Learning the dataset and the basics of Spark

Dataset

We are using a dataset based on the metadata in the Million Song Dataset. The data can be found here:

Million Songs Subset Metadata (CSV)
Million Songs Full Dataset Metadata (CSV)

Use the subset for development and testing. Use the full dataset for your final submission.

Description of the dataset can be found here. Watch out for dirty data!

Functional requirements

Write a Spark program that retrieves:

number of distinct songs, artists, and albums
top 5 loudest songs
top 5 longest songs
top 5 fastest songs
top 5 most familiar artists
top 5 hottest songs
top 5 hottest artists
top 5 hottest genres (mean artists hotness in artist_term)
top 5 most popular keys (must have confidence > 0.7)
top 5 most prolific artists (include ex-equo items, if any)
top 5 most common words in song titles (excluding articles, prepositions, conjunctions)

Evaluate your solution using your a local machine. Optionally evaluate your solution using AWS.

Write a report discussing the results and the performance results. Pay attention to how the data and operations impact performance.

Non-functional requirements

Assignment is performed in groups of 2 (assigned by TA).
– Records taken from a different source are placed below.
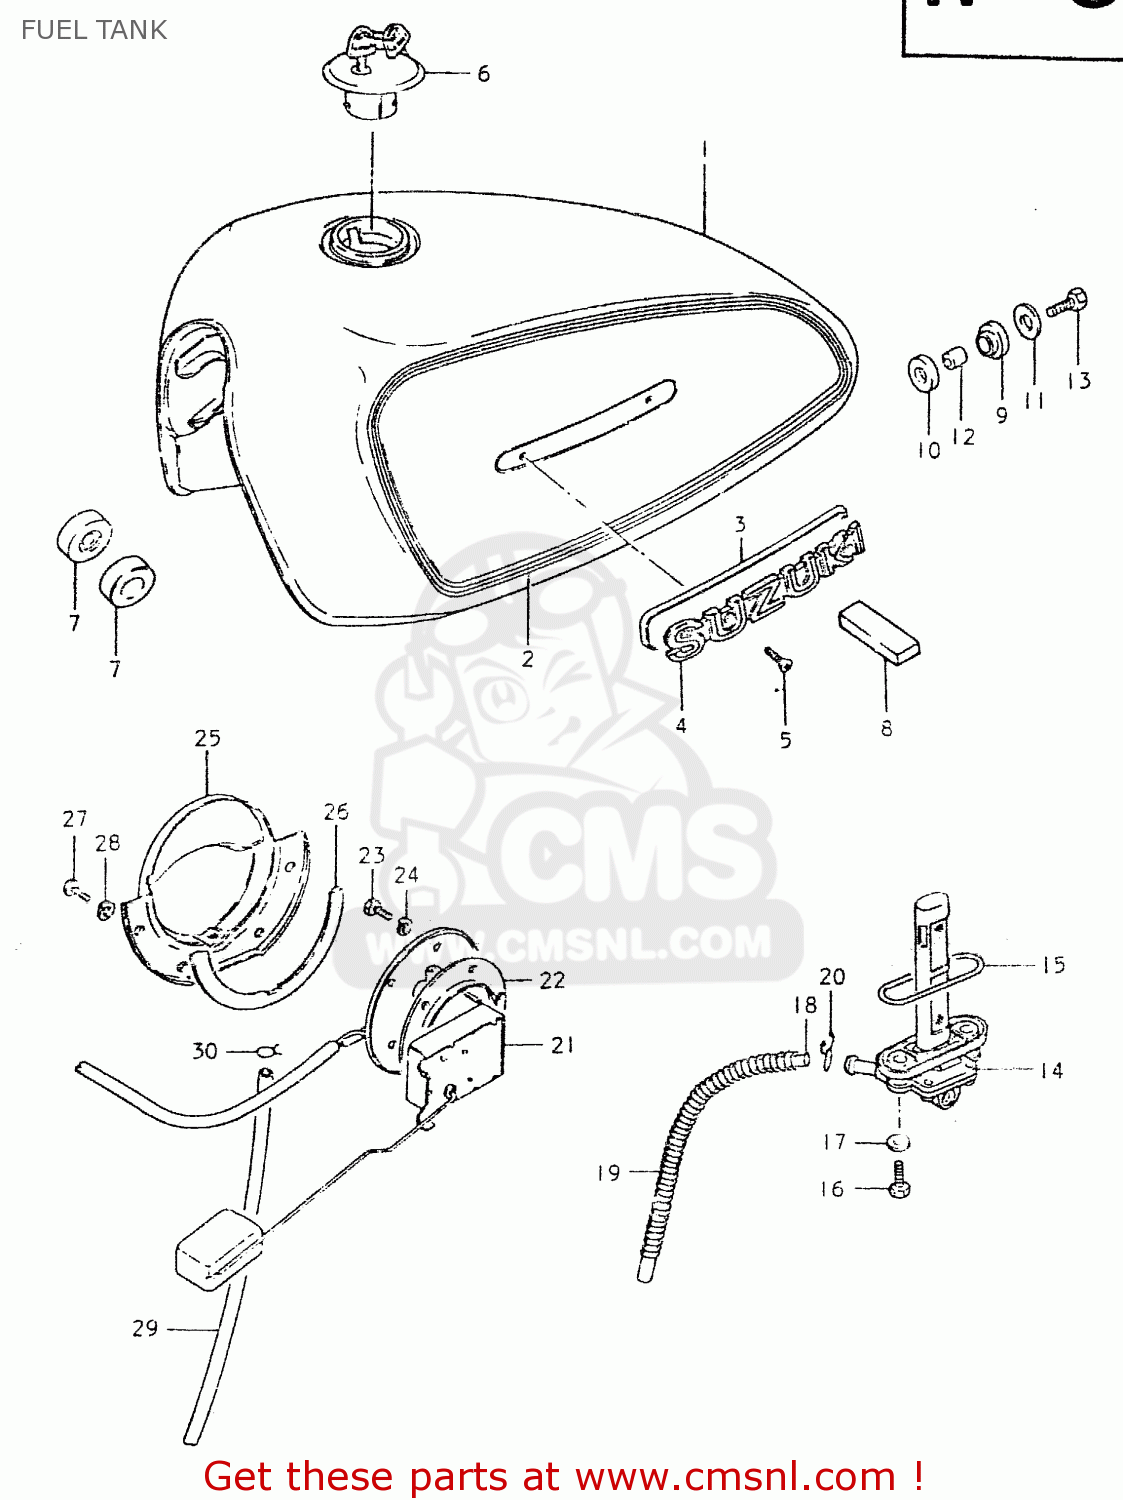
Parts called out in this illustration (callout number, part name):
1	TANK ASSEMBLY,FUEL
2	TAPE SET,FUEL TANK
3	CUSHION, EMBLEM
4	EMBLEM
5	SCREW 3X6
6	CAP SET,FUEL TANK
7	CUSHION
8	CUSHION
9	CUSHION
10	CUSHION
11	WASHER (8.5X29X1.6)
12	SPACER(8.5X12X19)
13	BOLT (8X30)
14	COCK ASSY,FUEL
15	GASKET (NAS)
16	SCREW (6X25)
17	GASKET
18	HOSE
19	SPRING
20	CLIP
21	GAUGE ASSEMBLY,FUEL LEVEL
22	GASKET,FUEL LEVEL GAUGE (NAS)
23	BOLT
24	LOCK WASHER
25	PLATE,FUEL DRAIN
26	GASKET,FUEL DRAIN PLATE (NAS)
27	SCREW
28	LOCK WASHER
29	HOSE,FUEL
30	CLIP

Authors are clearly marked on all deliverables.

Required files:

src/ (directory containing the sources of the implementation)
README.md (Markdown file containing the description of the implementations)
Makefile
report.Rmd (The report as described in the previous section)
report.pdf (A PDF rendering of report.Rmd)
input/ (A directory containing sample input files; please gzip all text files to save space)

Provide a Makefile with the following rules:

build builds all the implementations
run runs the variants
report generates the reports
all build, run, and report

Prepare the report in R Markdown and generate a PDF.

Extra credit

It is possible to get extra credit for the assignment by providing a complete Hadoop implementation of this assignment and comparing the performance of the two solutions.